Günoğulluğunda adından da anlaşılacağı üzere güne ve şartlara göre uyum, işlerini ve ilişkilerini esen rüzgâra göre ayarlamak esastır. Bazı yönleri ile Makyavelistlikle paralellik gösteren bu davranış biçiminde Makyavelist düşüncede olduğu gibi “amaca giden her yol mubahtır.”, görüşü hâkimdir. Amaç, ben varlıklı olayım, ben söz sahibi olayım, ben rahat edeyim olarak özetleyebileceğimiz bu düşünce, odağına “beni” oturtmuştur. Birinci tekil şahsın bütün çekimlerinde öne çıkan; ben, beni, bana, benim diyen ve bu yolda insani, dini, manevi ve ahlaki hiçbir değeri tanımayan günoğulları, çıkarları neyi gerektiriyorsa o yönde hareket ederler. Her devrin adamı da diyebileceğimiz bukalemun tipli bu kişiler, daima gücün, güçlünün, iktidarın ve muktedirin yanında yer alırlar. Özellikle ülkemizde uygulanan ve bizim demokrasi sandığımız kişi ve parti odaklı yönetimlere musallat olan ve onun bütün nimetlerinden faydalanan bu tipler için; aşağılayıcı sözler sarf edilse de hakaret edilse de günoğulları bir şekilde iktidarın yanında yer almayı becermektedirler.

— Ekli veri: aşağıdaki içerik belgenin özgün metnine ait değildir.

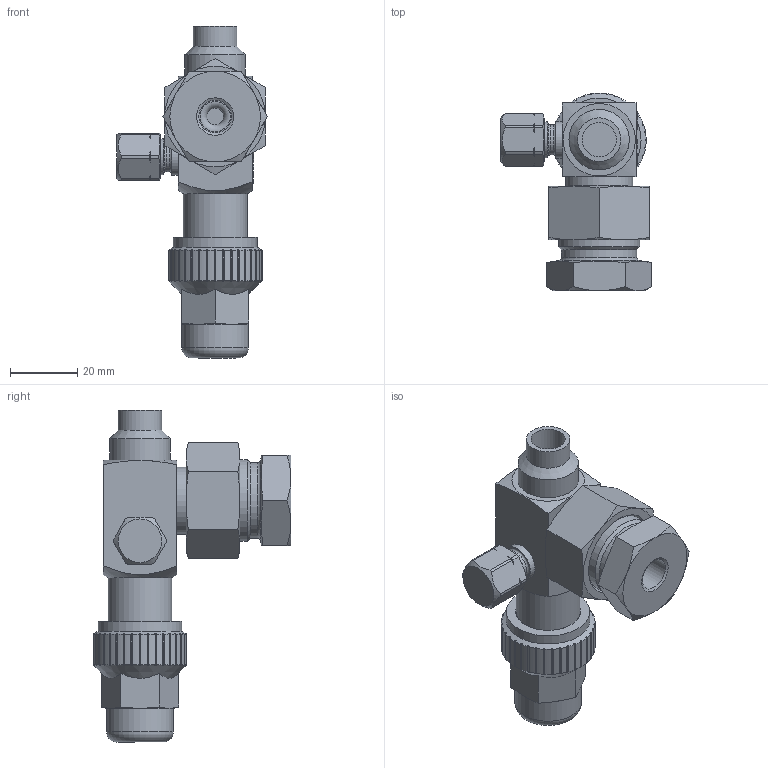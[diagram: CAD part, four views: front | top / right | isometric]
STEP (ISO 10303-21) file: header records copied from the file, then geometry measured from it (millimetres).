
FILE_DESCRIPTION(/* description */ (''),/* implementation_level */ '2;1');
FILE_NAME(/* name */ 'P:\AS\AS-CDM-7_16\AS-CDM-7_16.stp',/* time_stamp */ '2017-10-05T08:14:46+02:00',/* author */ ('neufeld'),/* organization */ (''),/* preprocessor_version */ 'ST-DEVELOPER v16.1',/* originating_system */ 'Autodesk Inventor 2016',/* authorisation */ '');
FILE_SCHEMA (('AUTOMOTIVE_DESIGN { 1 0 10303 214 3 1 1 }'));
Length unit declared in the file: millimetre
Products named in the file (2): AS-CDM-7_16; AS-CDM-7_16_1
Assembly tree (1 placements, depth 2):
  AS-CDM-7_16_1
    AS-CDM-7_16
Bounding box: 44.99 x 59.04 x 99 mm (x, y, z)
Volume: 57798.5 mm3; surface area: 17565.6 mm2
Topology: 1 solids, 4 shells, 939 faces, 2555 edges, 1686 vertices
Faces by surface type: plane 628, bspline 165, cylinder 79, cone 59, torus 8
Full cylindrical faces by diameter (mm): 4 x1, 6.5 x1, 9 x1, 9.4 x1, 9.738 x1, 10.1 x1, 10.2 x1, 10.72 x1, 11 x1, 13 x1, 13.5 x1, 14.2 x1, 16.8 x1, 17.3 x1, 18 x1, 19 x1, 19.9 x1, 20 x1, 22.5 x1, 24.301 x1, 25 x1
Entity records: 30415 total; most frequent: CARTESIAN_POINT 8206, ORIENTED_EDGE 4960, DIRECTION 3885, EDGE_CURVE 2480, LINE 1749, VECTOR 1749, VERTEX_POINT 1663, AXIS2_PLACEMENT_3D 1068
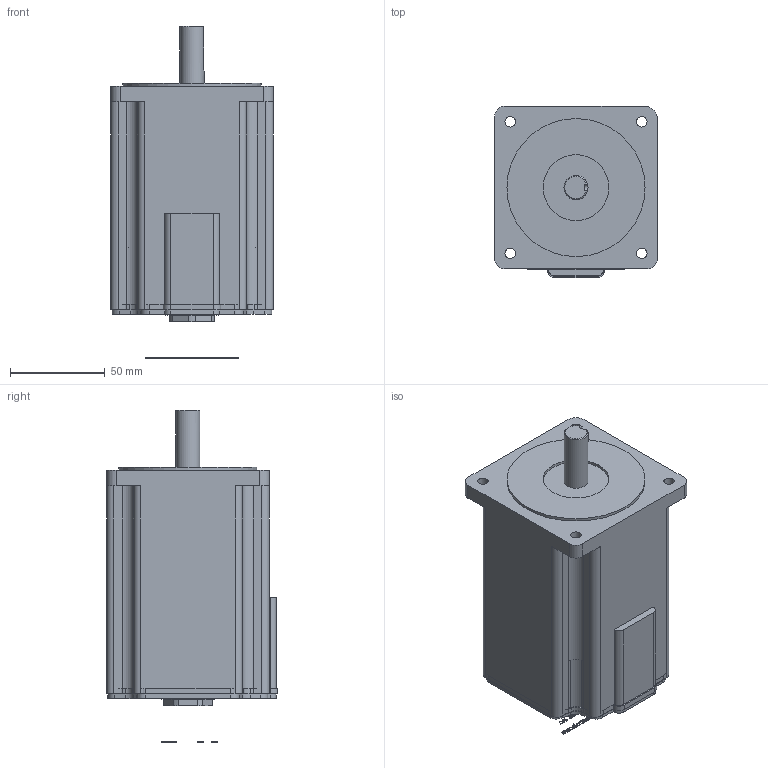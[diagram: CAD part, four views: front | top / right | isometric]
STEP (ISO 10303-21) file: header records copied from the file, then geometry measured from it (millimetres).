
FILE_DESCRIPTION(/* description */ ('Alibre Inc.'),/* implementation_level */ '2;1');
FILE_NAME(/* name */ 'export0',/* time_stamp */ '2008-02-05T12:57:53-08:00',/* author */ (''),/* organization */ (''),/* preprocessor_version */ 'ST-DEVELOPER v10',/* originating_system */ 'Alibre',/* authorisation */ '');
FILE_SCHEMA (('ALIBRE_SCHEMA','CONFIG_CONTROL_DESIGN'));
Length unit declared in the file: centimetre
Products named in the file (9): ID_1
Bounding box: 86.11 x 90.42 x 175.51 mm (x, y, z)
Volume: 833992.6 mm3; surface area: 107883.7 mm2
Topology: 63 solids, 64 shells, 1451 faces, 3910 edges, 2572 vertices
Faces by surface type: plane 696, bspline 573, cylinder 165, cone 15, torus 2
Full cylindrical faces by diameter (mm): 1.216 x14, 2.286 x6, 5.537 x4, 9.525 x2, 12.7 x1, 14.732 x1, 15.24 x1, 16 x1, 19.99 x1, 21.996 x2, 23 x1, 24.435 x1, 25.4 x2, 27.94 x1, 27.991 x1, 34.798 x1, 73.025 x1
Entity records: 79888 total; most frequent: CARTESIAN_POINT 19554, ORIENTED_EDGE 7780, DIRECTION 5173, CONSTRAINTPAIRUV 4993, EDGE_CURVE 3859, PERSISTANTTOPOLOGYATTRIBUTE 3539, VECTOR 3343, REFERENCEPOINTUV 3165
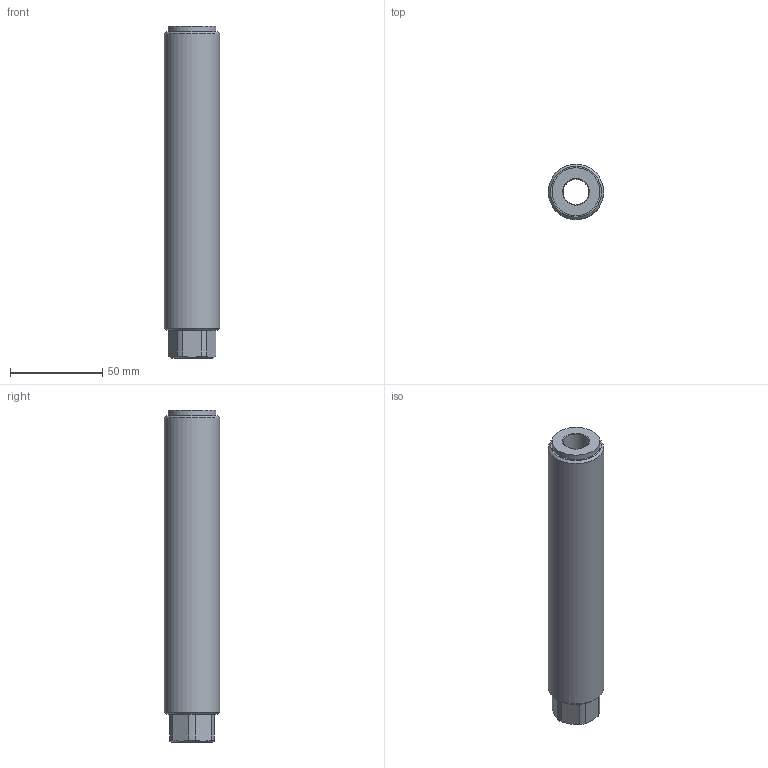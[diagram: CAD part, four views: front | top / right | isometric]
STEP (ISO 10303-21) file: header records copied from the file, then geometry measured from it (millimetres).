
FILE_DESCRIPTION(/* description */ ('HS-M30x1,5x180'),/* implementation_level */ '2;1');
FILE_NAME(/* name */ 'C:\Users\Public\Documents\Autodesk\Inventor LT 2016\Workspace\Hohlschraube\HS-M30x15x180.stp',/* time_stamp */ '2017-09-12T09:03:23+02:00',/* author */ ('T. Rey'),/* organization */ ('Schwaderer GmbH Robert-Bosch-Straße 10 71563 Affalterbach'),/* preprocessor_version */ 'ST-DEVELOPER v16.1',/* originating_system */ 'Autodesk Inventor LT ',/* authorisation */ '');
FILE_SCHEMA (('CONFIG_CONTROL_DESIGN'));
Length unit declared in the file: millimetre
Products named in the file (1): HS
Bounding box: 30 x 30 x 180 mm (x, y, z)
Volume: 95556.3 mm3; surface area: 25660.3 mm2
Topology: 1 solids, 1 shells, 229 faces, 614 edges, 408 vertices
Faces by surface type: plane 119, bspline 96, cylinder 9, cone 5
Full cylindrical faces by diameter (mm): 14 x1, 26 x1, 30 x1
Entity records: 7774 total; most frequent: CARTESIAN_POINT 2687, ORIENTED_EDGE 1210, DIRECTION 698, EDGE_CURVE 605, VERTEX_POINT 407, LINE 384, VECTOR 384, EDGE_LOOP 260

Günoğulları, lider ne derse doğru odur; partim neyi emrediyorsa onun gereğini yaparım, mantığı ile hareket eden partizanlardan çok daha tehlikelidirler. Parti taassubu ile kuşatılmış Allah’ın rahmet ve devlet olarak bahşettiği nimetlerin en kıymetlisi en anlamlısı olan aklını başkalarına kiralamış partizanlar, liderlerini ve partilerini sorgulamasalar da hiç değilse inandıkları bir kişi veya kişiler; yürüdükleri bir yol veya çizgi vardır. Oysa çıkarım nerede ise ben oradayım düşüncesinin yoğurup şekillendirdiği günoğulları için ne parti ne de yol veya çizginin kıymeti yoktur. Onlar, bugün ak dediklerine yarın rahatlıkla kara diyebilir. Bugün alkışları ile yere göğe sığdıramadıklarını yarın tekmeleyebilirler.

İslam hukukunda, güçlüden yana olmak, günün şartlarına göre kılık değiştirmek, iki yüzlülük, maslahatçılık, fırsatçılık, hinlik, bencillik, eyyamcılık, döneklik yoktur. İslam’da temel olan ahlaktır, maneviyattır. “Def’-i mefâsid, celb-i menâfiden evlâdır.” fıkhı kaidesi de bunu işaret eder. Bugünkü Türkçe ile kötülükleri defetmek, menfaat sağlamaktan daha iyidir, anlamındaki bu fıkhı düstur ile amaçlanan çıkar için mücadele değil, fesadın ortadan kaldırılmasıdır. Oysa ilkesiz, omurgasız her olayı ve durumu kendi çıkarına yontmak ve çıkınını doldurmak için fırsat kollayan günoğulları, geleceği değil günü ve günün getirisini düşünürler. Onlar için halde ve gelecekte oluşacak olumsuzlukların önemi ve kıymeti yoktur.

Allah, bu necip milleti; maslahatçı, bencil, eyyamcı, ikiyüzlü, döneklerden; bütün bunları şahıslarında toplayan fırsat düşkünü günoğullarının şerrinden korusun. Günoğulları kadar olmasa da Allah’ın kendilerine verdiği aklı başkalarına kiralayan olayları ve durumları insana, İslam’a göre değil de parti liderlerine ve parti anlayışına göre değerlendiren partizanları da ıslah eylesin.